Interrupts are essential for timing. For example, you might use a timer interrupt to trigger a screen refresh or to advance animation frames. But interrupts that do too much work can cause jitter and missed deadlines. The correct pattern is to set a flag in the ISR and let the main loop do heavy work. In a multicore system, you can also route interrupts to a specific core to avoid contention. Some tasks (like USB) may require strict timing and should be isolated from rendering code.

Real-time scheduling does not always require an RTOS. You can build a cooperative scheduler that runs tasks in a fixed order and yields control regularly. In Project 13, you will build a tiny cooperative OS that switches between tasks and updates a task manager UI. This teaches you context switching, stack management, and priority scheduling. It also forces you to confront how much CPU time each subsystem consumes. Even with a cooperative scheduler, you need to track deadlines. If one task runs too long, others miss their deadlines and you see visible jitter or input lag.

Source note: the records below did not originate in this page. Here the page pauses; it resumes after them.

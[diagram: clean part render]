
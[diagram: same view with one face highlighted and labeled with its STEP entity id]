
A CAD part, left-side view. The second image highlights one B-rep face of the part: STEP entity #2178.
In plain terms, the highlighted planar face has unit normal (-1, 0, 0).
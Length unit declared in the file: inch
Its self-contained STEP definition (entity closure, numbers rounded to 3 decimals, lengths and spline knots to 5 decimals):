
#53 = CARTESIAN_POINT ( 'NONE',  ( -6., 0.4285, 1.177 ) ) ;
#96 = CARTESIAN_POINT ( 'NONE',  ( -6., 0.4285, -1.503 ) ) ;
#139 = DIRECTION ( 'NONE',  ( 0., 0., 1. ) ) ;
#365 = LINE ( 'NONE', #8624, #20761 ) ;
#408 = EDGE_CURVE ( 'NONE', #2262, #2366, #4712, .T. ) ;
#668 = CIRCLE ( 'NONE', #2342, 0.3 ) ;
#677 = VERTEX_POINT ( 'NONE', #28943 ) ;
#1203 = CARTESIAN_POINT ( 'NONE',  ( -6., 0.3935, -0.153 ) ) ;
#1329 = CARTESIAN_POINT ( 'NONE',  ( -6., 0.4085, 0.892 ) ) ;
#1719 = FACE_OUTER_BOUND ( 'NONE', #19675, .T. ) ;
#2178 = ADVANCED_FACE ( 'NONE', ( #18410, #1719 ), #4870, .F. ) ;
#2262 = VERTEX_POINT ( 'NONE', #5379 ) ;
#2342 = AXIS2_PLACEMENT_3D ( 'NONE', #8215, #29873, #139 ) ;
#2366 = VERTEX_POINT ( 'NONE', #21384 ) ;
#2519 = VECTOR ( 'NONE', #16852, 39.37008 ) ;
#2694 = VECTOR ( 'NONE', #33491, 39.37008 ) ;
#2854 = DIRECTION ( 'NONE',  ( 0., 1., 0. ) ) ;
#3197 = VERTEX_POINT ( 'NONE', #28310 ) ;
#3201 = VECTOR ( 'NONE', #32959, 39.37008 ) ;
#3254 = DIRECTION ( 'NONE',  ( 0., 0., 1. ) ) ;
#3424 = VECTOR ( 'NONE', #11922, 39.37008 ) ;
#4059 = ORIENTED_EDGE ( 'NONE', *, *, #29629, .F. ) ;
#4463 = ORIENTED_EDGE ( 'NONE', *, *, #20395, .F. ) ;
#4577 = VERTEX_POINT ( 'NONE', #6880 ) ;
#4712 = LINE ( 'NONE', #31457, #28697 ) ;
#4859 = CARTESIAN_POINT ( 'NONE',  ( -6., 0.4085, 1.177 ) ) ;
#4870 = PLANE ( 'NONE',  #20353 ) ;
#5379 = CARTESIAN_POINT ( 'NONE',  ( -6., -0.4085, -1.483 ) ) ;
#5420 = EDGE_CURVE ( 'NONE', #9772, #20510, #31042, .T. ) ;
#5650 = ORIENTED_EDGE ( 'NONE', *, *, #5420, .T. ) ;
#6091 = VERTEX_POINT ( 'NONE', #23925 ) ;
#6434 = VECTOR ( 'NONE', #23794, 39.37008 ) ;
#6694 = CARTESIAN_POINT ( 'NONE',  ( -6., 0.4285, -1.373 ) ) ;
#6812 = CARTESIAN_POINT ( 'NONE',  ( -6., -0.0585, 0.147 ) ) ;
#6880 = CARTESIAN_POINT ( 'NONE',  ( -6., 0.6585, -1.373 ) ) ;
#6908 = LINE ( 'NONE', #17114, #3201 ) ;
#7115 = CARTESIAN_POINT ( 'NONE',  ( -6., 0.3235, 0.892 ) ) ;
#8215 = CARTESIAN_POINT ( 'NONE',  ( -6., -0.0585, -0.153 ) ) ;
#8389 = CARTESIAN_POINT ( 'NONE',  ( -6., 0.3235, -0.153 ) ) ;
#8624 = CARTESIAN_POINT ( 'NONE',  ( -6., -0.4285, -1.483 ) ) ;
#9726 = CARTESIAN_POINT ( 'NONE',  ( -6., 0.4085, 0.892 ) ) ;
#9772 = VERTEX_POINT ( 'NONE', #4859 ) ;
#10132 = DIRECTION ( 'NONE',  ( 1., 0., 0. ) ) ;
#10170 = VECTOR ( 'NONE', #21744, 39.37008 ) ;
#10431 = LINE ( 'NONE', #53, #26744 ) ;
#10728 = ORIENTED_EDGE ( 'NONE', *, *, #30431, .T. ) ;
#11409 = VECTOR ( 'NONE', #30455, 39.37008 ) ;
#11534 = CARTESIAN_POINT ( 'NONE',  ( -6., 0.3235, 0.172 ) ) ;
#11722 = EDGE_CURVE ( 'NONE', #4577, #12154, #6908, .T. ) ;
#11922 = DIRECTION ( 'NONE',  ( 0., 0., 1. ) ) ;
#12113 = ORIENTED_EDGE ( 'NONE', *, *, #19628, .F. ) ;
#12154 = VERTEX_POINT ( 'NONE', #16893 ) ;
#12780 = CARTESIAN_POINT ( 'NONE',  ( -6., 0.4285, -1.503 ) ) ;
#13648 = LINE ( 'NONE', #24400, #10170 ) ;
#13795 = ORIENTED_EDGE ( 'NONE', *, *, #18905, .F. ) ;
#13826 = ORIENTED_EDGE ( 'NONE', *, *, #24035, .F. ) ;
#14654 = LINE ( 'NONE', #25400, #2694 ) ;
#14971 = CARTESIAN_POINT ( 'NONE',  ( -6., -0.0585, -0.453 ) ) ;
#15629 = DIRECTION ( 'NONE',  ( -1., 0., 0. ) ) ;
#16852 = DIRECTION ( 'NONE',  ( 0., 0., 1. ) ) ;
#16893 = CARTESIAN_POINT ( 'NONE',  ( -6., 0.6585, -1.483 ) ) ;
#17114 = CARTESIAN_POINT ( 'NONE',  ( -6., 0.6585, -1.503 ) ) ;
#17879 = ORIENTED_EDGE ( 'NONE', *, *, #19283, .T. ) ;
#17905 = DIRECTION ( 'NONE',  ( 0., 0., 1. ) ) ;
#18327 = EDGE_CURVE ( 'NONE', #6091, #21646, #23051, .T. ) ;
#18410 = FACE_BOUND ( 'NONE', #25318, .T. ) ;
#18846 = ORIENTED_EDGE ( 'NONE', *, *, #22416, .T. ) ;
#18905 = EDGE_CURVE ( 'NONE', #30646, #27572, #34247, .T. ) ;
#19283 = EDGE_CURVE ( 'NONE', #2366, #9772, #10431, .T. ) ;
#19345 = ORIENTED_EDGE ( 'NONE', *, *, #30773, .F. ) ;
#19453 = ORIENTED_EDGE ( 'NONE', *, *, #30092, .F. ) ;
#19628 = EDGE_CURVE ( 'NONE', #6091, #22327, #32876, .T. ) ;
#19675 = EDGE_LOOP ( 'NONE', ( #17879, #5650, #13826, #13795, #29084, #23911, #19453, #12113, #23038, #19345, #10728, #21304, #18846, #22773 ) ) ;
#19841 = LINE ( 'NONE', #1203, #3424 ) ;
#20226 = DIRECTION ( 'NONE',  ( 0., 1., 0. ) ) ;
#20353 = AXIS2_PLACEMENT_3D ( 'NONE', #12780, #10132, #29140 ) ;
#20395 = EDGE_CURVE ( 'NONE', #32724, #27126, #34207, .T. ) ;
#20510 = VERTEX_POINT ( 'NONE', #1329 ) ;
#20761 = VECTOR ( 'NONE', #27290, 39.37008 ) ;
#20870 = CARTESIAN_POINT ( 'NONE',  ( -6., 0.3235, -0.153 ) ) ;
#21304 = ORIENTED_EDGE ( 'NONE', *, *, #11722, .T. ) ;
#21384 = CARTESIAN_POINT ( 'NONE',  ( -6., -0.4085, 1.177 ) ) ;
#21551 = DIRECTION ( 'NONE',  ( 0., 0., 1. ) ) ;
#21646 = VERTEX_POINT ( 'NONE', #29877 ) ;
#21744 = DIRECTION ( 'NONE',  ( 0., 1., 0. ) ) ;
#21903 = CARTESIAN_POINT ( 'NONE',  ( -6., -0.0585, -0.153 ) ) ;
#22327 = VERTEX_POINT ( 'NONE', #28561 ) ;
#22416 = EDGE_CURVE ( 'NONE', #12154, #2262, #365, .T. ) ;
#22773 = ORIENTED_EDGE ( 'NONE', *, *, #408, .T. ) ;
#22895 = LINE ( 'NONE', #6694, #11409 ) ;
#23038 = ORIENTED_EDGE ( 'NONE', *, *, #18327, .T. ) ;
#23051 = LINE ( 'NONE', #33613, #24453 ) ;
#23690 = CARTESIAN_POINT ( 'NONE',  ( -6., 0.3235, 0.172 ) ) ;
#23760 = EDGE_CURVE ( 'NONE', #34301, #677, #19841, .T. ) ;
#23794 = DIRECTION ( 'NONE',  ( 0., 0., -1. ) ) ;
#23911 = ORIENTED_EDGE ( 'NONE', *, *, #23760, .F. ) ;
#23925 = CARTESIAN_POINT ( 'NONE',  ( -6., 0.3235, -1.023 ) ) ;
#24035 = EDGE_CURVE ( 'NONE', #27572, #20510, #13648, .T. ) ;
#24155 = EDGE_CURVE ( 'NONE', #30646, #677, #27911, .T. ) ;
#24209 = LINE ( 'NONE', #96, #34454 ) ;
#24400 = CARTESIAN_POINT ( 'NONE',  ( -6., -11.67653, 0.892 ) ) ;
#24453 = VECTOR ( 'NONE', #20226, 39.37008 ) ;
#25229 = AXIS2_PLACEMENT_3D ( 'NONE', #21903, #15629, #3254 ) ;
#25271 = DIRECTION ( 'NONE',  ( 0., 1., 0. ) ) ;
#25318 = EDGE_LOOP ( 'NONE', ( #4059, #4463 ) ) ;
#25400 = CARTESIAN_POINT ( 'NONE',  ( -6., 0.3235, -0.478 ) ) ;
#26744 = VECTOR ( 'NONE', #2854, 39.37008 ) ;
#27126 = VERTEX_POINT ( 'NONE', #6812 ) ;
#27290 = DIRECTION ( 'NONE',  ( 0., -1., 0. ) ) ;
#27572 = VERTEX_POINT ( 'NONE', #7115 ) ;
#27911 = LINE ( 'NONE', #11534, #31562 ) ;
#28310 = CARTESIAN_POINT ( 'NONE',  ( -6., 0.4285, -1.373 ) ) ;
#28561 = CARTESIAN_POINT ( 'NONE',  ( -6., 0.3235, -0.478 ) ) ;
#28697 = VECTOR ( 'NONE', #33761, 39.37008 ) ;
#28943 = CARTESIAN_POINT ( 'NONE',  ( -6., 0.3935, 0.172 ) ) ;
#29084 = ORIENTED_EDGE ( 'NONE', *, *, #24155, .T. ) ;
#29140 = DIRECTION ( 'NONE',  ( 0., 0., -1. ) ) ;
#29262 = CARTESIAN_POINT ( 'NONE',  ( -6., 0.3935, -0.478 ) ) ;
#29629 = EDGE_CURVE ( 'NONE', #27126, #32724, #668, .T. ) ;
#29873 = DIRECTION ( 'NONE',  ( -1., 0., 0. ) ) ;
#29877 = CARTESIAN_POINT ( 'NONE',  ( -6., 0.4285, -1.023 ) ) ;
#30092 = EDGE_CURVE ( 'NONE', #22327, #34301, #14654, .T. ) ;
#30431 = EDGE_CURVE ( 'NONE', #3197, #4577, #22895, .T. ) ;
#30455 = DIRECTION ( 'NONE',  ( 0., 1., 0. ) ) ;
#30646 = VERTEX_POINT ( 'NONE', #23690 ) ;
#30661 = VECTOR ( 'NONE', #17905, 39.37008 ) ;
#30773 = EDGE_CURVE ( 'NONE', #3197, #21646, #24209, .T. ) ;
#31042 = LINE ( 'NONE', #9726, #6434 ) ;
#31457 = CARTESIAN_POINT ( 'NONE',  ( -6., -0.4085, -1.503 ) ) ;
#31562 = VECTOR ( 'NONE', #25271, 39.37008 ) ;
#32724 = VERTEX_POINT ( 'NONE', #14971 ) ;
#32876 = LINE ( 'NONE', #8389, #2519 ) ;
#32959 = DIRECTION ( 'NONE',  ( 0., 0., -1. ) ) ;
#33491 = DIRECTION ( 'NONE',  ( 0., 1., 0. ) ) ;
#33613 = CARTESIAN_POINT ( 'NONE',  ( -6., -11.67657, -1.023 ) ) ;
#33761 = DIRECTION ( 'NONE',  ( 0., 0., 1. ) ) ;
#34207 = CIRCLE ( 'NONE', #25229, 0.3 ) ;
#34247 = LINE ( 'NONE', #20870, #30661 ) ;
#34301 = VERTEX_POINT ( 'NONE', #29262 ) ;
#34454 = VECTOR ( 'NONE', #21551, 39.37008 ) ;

Concurrency also affects DMA and PIO. If one core is configuring DMA while another is reading from the same registers, you can introduce subtle race conditions. You must define ownership: one core owns DMA setup, the other owns rendering, etc. The more explicit your ownership model, the fewer bugs you will chase at 2 AM. In practice, you will use mutexes, spinlocks, or atomic flags to coordinate access, and you will design protocols (like “only core 1 writes to SPI”).

Atomic operations and memory barriers matter even on microcontrollers. If you do not use proper barriers, one core might not see a flag update from the other. The RP2350 provides spinlocks and FIFO mechanisms for coordination. Understanding these low-level primitives will help you debug the kinds of bugs that only show up under load.

How This Fits in Projects

Projects 5, 7, 9, 11, and 13 rely on multicore and scheduling concepts.

Definitions & Key Terms

ISR: Interrupt Service Routine.
Cooperative scheduling: Tasks yield explicitly.
Race condition: Two writers updating the same data without coordination.
FIFO: A hardware queue used for inter-core messaging.
Jitter: Variation in timing of periodic events.

Mental Model Diagram

Core 0: Render -> Framebuffer A
Core 1: DMA -> LCD
            ^
            | swap signal

How It Works (Step-by-Step)

Core 0 renders into back buffer.
Core 1 starts DMA for front buffer.
Core 0 signals when new frame is ready.
Core 1 swaps buffer pointers after DMA complete.

Minimal Concrete Example

// Shared flag for buffer swap
volatile bool frame_ready = false;

// Core 0
render_frame(back_buffer);
frame_ready = true;

// Core 1
if (frame_ready && dma_done()) {
  swap_buffers();
  frame_ready = false;
}

Common Misconceptions

“Two cores always means 2x speed.” (Bus contention can reduce speed.)
“Interrupts are faster than polling.” (Interrupt overhead can be worse.)
“RTOS is required for real-time.” (Cooperative scheduling can be enough.)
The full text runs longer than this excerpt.